Risks and mitigations

  • Risk: command semantics drift from current synchronous behavior Mitigation: land command-state plumbing in the same cutover, not later

  • Risk: reply delivery loses thread or reply-to context Mitigation: make delivery identity first-class in DiscordInboundJob

  • Risk: duplicate sends during retries or queue restarts Mitigation: keep first pass in-memory only, or add explicit delivery idempotency before persistence

  • Risk: message-handler.process.ts becomes harder to reason about during migration Mitigation: split into normalization, execution, and delivery helpers before or during worker cutover

Acceptance criteria

The plan is complete when:

  1. Discord listener timeout no longer aborts healthy long-running turns.
  2. Listener lifetime and agent-turn lifetime are separate concepts in code.
  3. Existing per-session ordering is preserved.
  4. ACP-bound Discord channels work through the same worker path.
  5. stop targets the worker-owned run instead of the old listener-owned call stack.
  6. Timeout and delivery failures become explicit worker outcomes, not silent listener drops.

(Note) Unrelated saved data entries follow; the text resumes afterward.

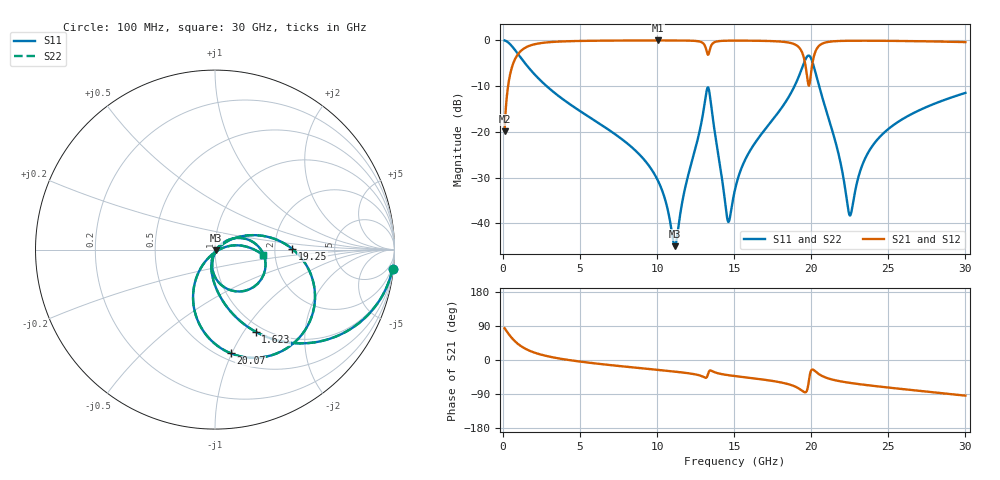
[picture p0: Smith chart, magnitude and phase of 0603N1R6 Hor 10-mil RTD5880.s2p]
# GHz S MA R 50
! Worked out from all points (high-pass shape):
!   3201 points, 100 MHz to 30 GHz, reference 50 ohm
!   highest |S21| = -0.04 dB at 10.05 GHz (marker M1); lowest = -19.8 dB at 100 MHz (marker M2)
!   |S21| within 3 dB of the highest: 967.1 MHz to 13.27 GHz (12.3 GHz wide, 173 % of centre); 20.21 GHz to end of sweep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
!   lowest |S11| = -45.0 dB at 11.14 GHz (marker M3), VSWR 1.01, Z = 50.5 - j0.325 ohm
!   |S11| at or under -10 dB: 2.819 GHz to 18.92 GHz (16.1 GHz wide, 148 % of centre); 20.51 GHz to end of sweep
!   |S22| runs from -45.0 to 0.0 dB; largest |S21 - S12| = 0
!   S11 on the Smith chart (normalised r, x): 100 MHz: 1, -19; 1.623 GHz: 0.92, -1.13; 19.25 GHz: 2.50, +0.03; 20.07 GHz: 0.56, -0.99; 30 GHz: 1.72, -0.10
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0.1  0.9948 -6.1  0.1018 83.9  0.1018 83.9  0.9948 -6.1
0.6045625  0.8498 -33.5  0.5265 56.5  0.5265 56.5  0.8498 -33.5
1.623031  0.5108 -63.7  0.8584 26.2  0.8584 26.2  0.5108 -63.7
5.089563  0.1645 -93.8  0.9836 -4.7  0.9836 -4.7  0.1645 -93.8
10.05109  0.02928 -107.3  0.9949 -26.1  0.9949 -26.1  0.02928 -107.3
10.06978  0.02885 -107.2  0.9949 -26.2  0.9949 -26.2  0.02885 -107.2
11.14431  0.005647 -34.7  0.9942 -30.7  0.9942 -30.7  0.005647 -34.7
12.94766  0.1489 25.9  0.9378 -43.6  0.9378 -43.6  0.1489 25.9
13.26534  0.3031 -24.4  0.7062 -41.5  0.7062 -41.5  0.3031 -24.4
13.64844  0.1263 -94.6  0.9375 -30.9  0.9375 -30.9  0.1263 -94.6
14.55478  0.01114 -54.8  0.989 -39.7  0.989 -39.7  0.01114 -54.8
15.05  0.02345 25.4  0.9907 -42.4  0.9907 -42.4  0.02345 25.4
17.99328  0.1749 25.7  0.968 -58.9  0.968 -58.9  0.1749 25.7
19.25469  0.4286 0.7  0.8155 -76.8  0.8155 -76.8  0.4286 0.7
19.67516  0.6437 -31.4  0.4674 -83.9  0.4674 -83.9  0.6437 -31.4
20.03956  0.6025 -78.3  0.5132 -25.4  0.5132 -25.4  0.6025 -78.3
20.06759  0.584 -81.4  0.55 -25.1  0.55 -25.1  0.584 -81.4
20.92722  0.1801 -124.1  0.9463 -46.2  0.9463 -46.2  0.1801 -124.1
22.49697  0.01222 -60.9  0.9875 -60.3  0.9875 -60.3  0.01222 -60.9
23.48741  0.05097 13.2  0.9886 -65.7  0.9886 -65.7  0.05097 13.2
25.01978  0.1081 12.6  0.9851 -72.8  0.9851 -72.8  0.1081 12.6
30  0.2662 -6.0  0.9545 -94.1  0.9545 -94.1  0.2662 -6.0
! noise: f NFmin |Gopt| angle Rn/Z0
0.1  0.0005468  0.9576  0.8301  0.002907
3.417  0.004041  0.8103  9.861  0.004408
6.743  0.006845  0.7832  18.9  0.006309
10.06  0.009932  0.7791  27.84  0.008686
13.39  0.09336  0.9658  36.74  0.5561
16.7  0.01848  0.8042  45.36  0.01673
20.03  0.1766  0.9734  54.1  1.199
23.35  0.02215  0.7801  62.38  0.0152
26.67  0.02186  0.7526  70.26  0.01204
30  0.02396  0.7499  77.98  0.01182

Remaining landing strategy

Finish this in follow-up PRs:

  1. make DiscordInboundJob plain-data only and move live runtime refs onto the worker
  2. clean up command-state ownership for stop, new, and reset
  3. add worker observability and operator status
  4. decide whether durability is needed or explicitly document the in-memory boundary

This is still a bounded follow-up if kept Discord-only and if we continue to avoid a premature cross-channel worker abstraction.